Study characteristics
Methods Randomised single‐blind experimental study, Brazil.
Participants 40 women undergoing caesarean delivery, aged more than 18 years (18 to 45 years), primiparous or multiparous, not obese, undergoing spinal anaesthesia and incision P‐fannestiel,with pain, literate and understand the pain scale. There were 20 women in the experimental group and 20 in the placebo group.
Interventions The intervention group received TENS current initiate 24 hours postoperatively, consisting of spike waveform impulses of 75 µs duration, delivered at a frequency of 100 Hz, remaining in postpartum women for 45 minutes. The control group was accompanied by the researcher for the same 45 minutes. The women remained without medication during the study period, being excluded if they needed it.
Outcomes Pain scores (McGill Pain Questionnaire with consists of 2 main indices, Pain Rating Index (PRI) and Present Pain Intensity (PPI) end the numerical categorical scale (VAS) after intervention and 1 hour after intervention.
Notes Results sent by author.
Funding sources: National Council for Scientific and Technological Development.
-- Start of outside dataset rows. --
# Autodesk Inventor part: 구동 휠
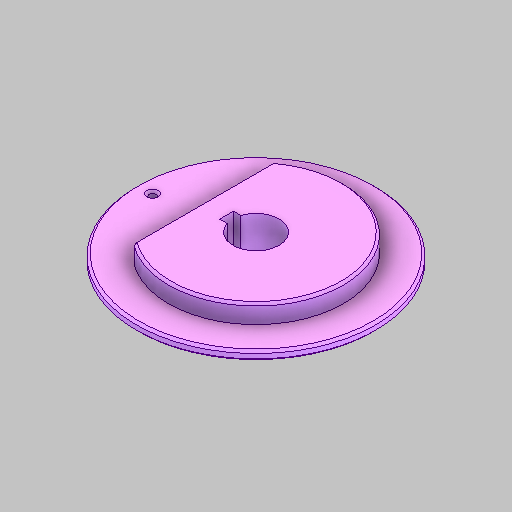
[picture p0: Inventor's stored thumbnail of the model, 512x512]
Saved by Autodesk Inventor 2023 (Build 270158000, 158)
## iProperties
Created: 2025-09
Part Number: 구동 휠
Material: 강철, 연강
Document SubType Name: Modeling
Designer: home
Density: 7.85 g/cm^3
Appearance: 기본값
Author: jhkim
Sending System: Autodesk Inventor 2026
Preprocessor: ST-DEVELOPER v20.1
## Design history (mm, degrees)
feature "솔리드1"
node "솔리드2"

Setting: maternity hospital in Brazil.
Conflicts of interest: not mentioned.
Dates of trial: April to May 2007.
Risk of bias
Bias Authors' judgement Support for judgement
Random sequence generation (selection bias) Low risk The participants were randomly allocated according to site www.randomization.com.
Allocation concealment (selection bias) Unclear risk Not reported
Blinding of participants and personnel (performance bias)
All outcomes High risk There was no blinding.
Blinding of outcome assessment (detection bias)
All outcomes Low risk The lead researcher conducted the evaluations of 2 groups without knowing what the postpartum group received.
Incomplete outcome data (attrition bias)
All outcomes Low risk There were no losses after randomisation.
Selective reporting (reporting bias) Low risk Presents the results of the analysis proposed in the methods.
Other bias Low risk We do not suspect any other bias related to this study.